Composer crashes CG world, adds depth to digital images

Skim the biography on Justin Lassen’s Web site at www.empireofmodernthought.com/ or browse recent entries at his LiveJournal* blog at http://justinlassen.livejournal.com/. You are forgiven for thinking you have stumbled onto a southern California music pro who, while clearly tech savvy and successful, is not necessarily unconventional. He has produced remixes for artists ranging from Madonna to Blue Man Group to Lenny Kravitz. He has composed game soundtracks, including tracks for the wildly popular Out of Hell* mod for Unreal* Tournament created by Long Nguyen. He attends events such as ASCAP’s I Create Music 2009 Expo where he met Semisonic’s Dan Wilson. (“Cherry on top for me, was getting to see/hear Dan Wilson, live! I also got to meet him!” Lassen enthused.) He shops at the Santa Monica farmers market.

It’s easy to read right past references to his Synaesthesia project, which seems to hint more at some strange medical condition than multimedia wizardry.
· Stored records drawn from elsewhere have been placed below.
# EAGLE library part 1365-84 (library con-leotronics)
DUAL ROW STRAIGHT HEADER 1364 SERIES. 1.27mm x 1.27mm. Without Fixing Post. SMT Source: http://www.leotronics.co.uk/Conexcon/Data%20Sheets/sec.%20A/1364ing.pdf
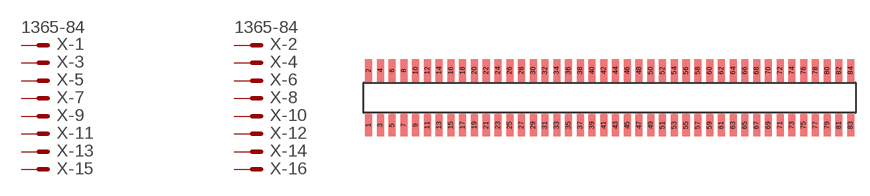
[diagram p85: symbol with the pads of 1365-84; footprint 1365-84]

Designator prefix X; gates -1=MVAL -2=MVAL -3=M -4=M -5=M -6=M -7=M -8=M -9=M -10=M -11=M -12=M -13=M -14=M -15=M -16=M -17=M -18=M -19=M -20=M -21=M -22=M -23=M -24=M -25=M -26=M -27=M -28=M -29=M -30=M -31=M -32=M -33=M -34=M -35=M -36=M -37=M -38=M -39=M -40=M -41=M -42=M -43=M -44=M -45=M -46=M -47=M -48=M -49=M -50=M -51=M -52=M -53=M -54=M -55=M -56=M -57=M -58=M -59=M -60=M -61=M -62=M -63=M -64=M -65=M -66=M -67=M -68=M -69=M -70=M -71=M -72=M -73=M -74=M -75=M -76=M -77=M -78=M -79=M -80=M -81=M -82=M -83=M -84=M

## 1365-84 (OC_FARNELL: unknown; OC_NEWARK: unknown)  [1365-84]
1  -1:S  pas
2  -2:S  pas
3  -3:S  pas
4  -4:S  pas
5  -5:S  pas
6  -6:S  pas
7  -7:S  pas
8  -8:S  pas
9  -9:S  pas
10  -10:S  pas
11  -11:S  pas
12  -12:S  pas
13  -13:S  pas
14  -14:S  pas
15  -15:S  pas
16  -16:S  pas
17  -17:S  pas
18  -18:S  pas
19  -19:S  pas
20  -20:S  pas
21  -21:S  pas
22  -22:S  pas
23  -23:S  pas
24  -24:S  pas
25  -25:S  pas
26  -26:S  pas
27  -27:S  pas
28  -28:S  pas
29  -29:S  pas
30  -30:S  pas
31  -31:S  pas
32  -32:S  pas
33  -33:S  pas
34  -34:S  pas
35  -35:S  pas
36  -36:S  pas
37  -37:S  pas
38  -38:S  pas
39  -39:S  pas
40  -40:S  pas
41  -41:S  pas
42  -42:S  pas
43  -43:S  pas
44  -44:S  pas
45  -45:S  pas
46  -46:S  pas
47  -47:S  pas
48  -48:S  pas
49  -49:S  pas
50  -50:S  pas
51  -51:S  pas
52  -52:S  pas
53  -53:S  pas
54  -54:S  pas
55  -55:S  pas
56  -56:S  pas
57  -57:S  pas
58  -58:S  pas
59  -59:S  pas
60  -60:S  pas
61  -61:S  pas
62  -62:S  pas
63  -63:S  pas
64  -64:S  pas
65  -65:S  pas
66  -66:S  pas
67  -67:S  pas
68  -68:S  pas
69  -69:S  pas
70  -70:S  pas
71  -71:S  pas
72  -72:S  pas
73  -73:S  pas
74  -74:S  pas
75  -75:S  pas
76  -76:S  pas
77  -77:S  pas
78  -78:S  pas
79  -79:S  pas
80  -80:S  pas
81  -81:S  pas
82  -82:S  pas
83  -83:S  pas
84  -84:S  pas

## Footprint 1365-84 (pad centres in mm)
DUAL ROW STRAIGHT HEADER 1364 SERIES. 1.27mm x 1.27mm. Without Fixing Post. SMT Source: http://www.leotronics.co.uk/Conexcon/Data%20Sheets/sec.%20A/1364ing.pdf
smd 0.76 x 2.4: 1 -26.035,-2.95; 2 -26.035,2.95; 3 -24.765,-2.95; 4 -24.765,2.95; 5 -23.495,-2.95; 6 -23.495,2.95; 7 -22.225,-2.95; 8 -22.225,2.95; 9 -20.955,-2.95; 10 -20.955,2.95; 11 -19.685,-2.95; 12 -19.685,2.95; 13 -18.415,-2.95; 14 -18.415,2.95; 15 -17.145,-2.95; 16 -17.145,2.95; 17 -15.875,-2.95; 18 -15.875,2.95; 19 -14.605,-2.95; 20 -14.605,2.95; 21 -13.335,-2.95; 22 -13.335,2.95; 23 -12.065,-2.95; 24 -12.065,2.95; 25 -10.795,-2.95; 26 -10.795,2.95; 27 -9.525,-2.95; 28 -9.525,2.95; 29 -8.255,-2.95; 30 -8.255,2.95; 31 -6.985,-2.95; 32 -6.985,2.95; 33 -5.715,-2.95; 34 -5.715,2.95; 35 -4.445,-2.95; 36 -4.445,2.95; 37 -3.175,-2.95; 38 -3.175,2.95; 39 -1.905,-2.95; 40 -1.905,2.95; 41 -0.635,-2.95; 42 -0.635,2.95; 43 0.635,-2.95; 44 0.635,2.95; 45 1.905,-2.95; 46 1.905,2.95; 47 3.175,-2.95; 48 3.175,2.95; 49 4.445,-2.95; 50 4.445,2.95; 51 5.715,-2.95; 52 5.715,2.95; 53 6.985,-2.95; 54 6.985,2.95; 55 8.255,-2.95; 56 8.255,2.95; 57 9.525,-2.95; 58 9.525,2.95; 59 10.795,-2.95; 60 10.795,2.95; 61 12.065,-2.95; 62 12.065,2.95; 63 13.335,-2.95; 64 13.335,2.95; 65 14.605,-2.95; 66 14.605,2.95; 67 15.875,-2.95; 68 15.875,2.95; 69 17.145,-2.95; 70 17.145,2.95; 71 18.415,-2.95; 72 18.415,2.95; 73 19.685,-2.95; 74 19.685,2.95; 75 20.955,-2.95; 76 20.955,2.95; 77 22.225,-2.95; 78 22.225,2.95; 79 23.495,-2.95; 80 23.495,2.95; 81 24.765,-2.95; 82 24.765,2.95; 83 26.035,-2.95; 84 26.035,2.95

But dig a little further into Synaesthesia and it’s soon apparent Lassen is far more than meets the eye, or ear.

Synaesthesia, in which Lassen pairs his own ethereal music with still images produced by talented CG artists, defies easy description, at least for the uninitiated. However, there is no shortage of accolades. Jerry Rees, a Hollywood producer who has directed for everyone from Steve Martin and Robin Williams to George Lucas and Michael Eisner, said that Lassen’s project is responsible for nothing less than awakening the “fundamental expectation that fine art should effortlessly embrace analog and digital realms, while inviting participation by the eye, the ear, the mind, and ultimately, I suppose, the soul.”

Though Lassen is clearly well-connected across the entertainment and technology realms, Synaesthesia emerged entirely independent of studios, music labels, and software companies. It’s a pure expression of creativity and talent from someone who, like the Impressionists of the nineteenth century, is opening a new window on human perception and experience. Monet worked with canvas and brushes while Lassen’s tools are computers and software. But both helped to change the rules of how art is created and consumed.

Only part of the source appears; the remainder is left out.